Earwin Burrfoot wrote:
Mark Miller wrote:
The distinction I am making with core is that we will have to call known
methods on those
core 'modules' that are not very generic? Doesn't that keep it from playing
nice with the very generic 'attach this to this segment'?
Genericity spans binding, notifications and retrieval of a component
from a reader.

For binding and notifications you can do whatever you want inside your
component, because you're provided with the full public IndexReader
interface.
When you retrieve a component, you get your very own interface with
all your needed and totally nongeneric methods.

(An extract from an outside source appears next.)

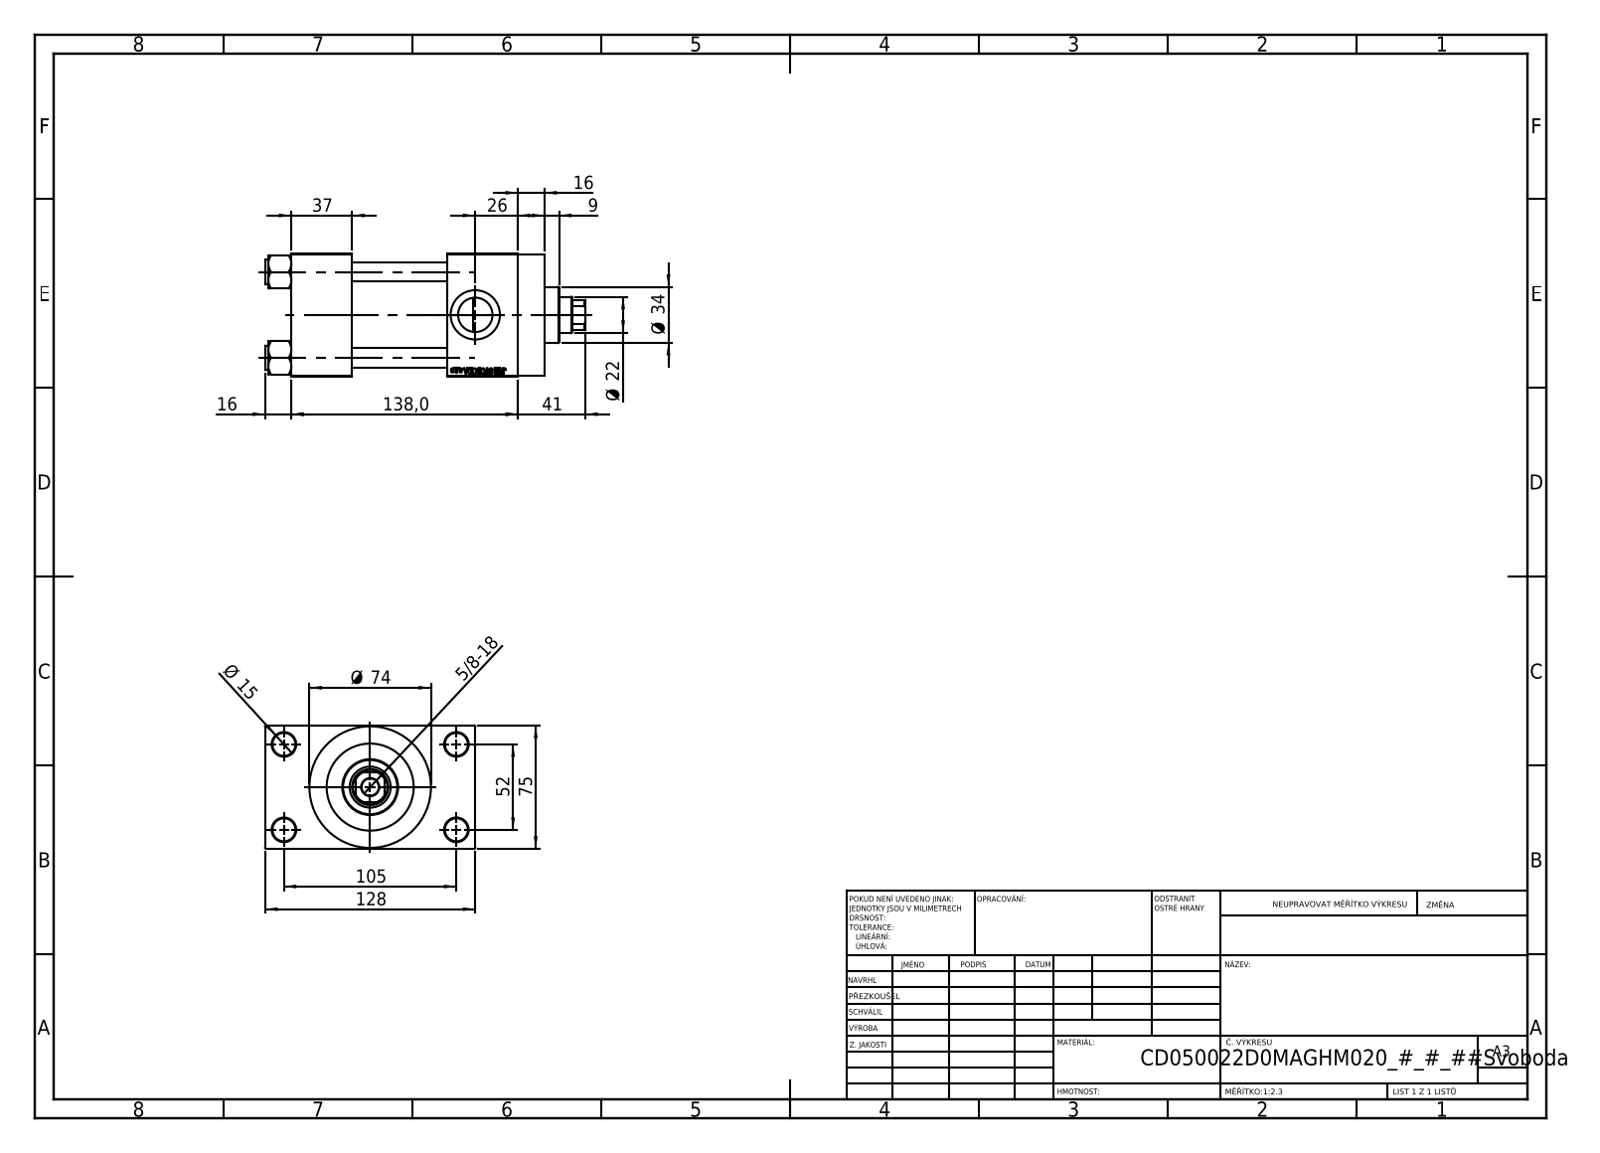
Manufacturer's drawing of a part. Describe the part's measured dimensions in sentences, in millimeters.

ObscureComponent c = reader.plugin(ObscureComponent.class);
c.performSomeObscureNonGenericLogic();

This very code can be located both in userland, dealing with custom
components and in coreland, dealing with well-known Lucene core
components.

Thats sounding interesting. From what you and Mike are saying, its a dependency injection framework basically then? Impls are plugged in from a configuration class? Except you can plug in your own random stuff thats not used internally, so its also kind of an Impl cache?


So IndexReader Plugins would be: per Reader impl configuration and caching - with call backs too though - I guess you could add other callbacks and get involved in some more interesting stuff as well, if you wanted?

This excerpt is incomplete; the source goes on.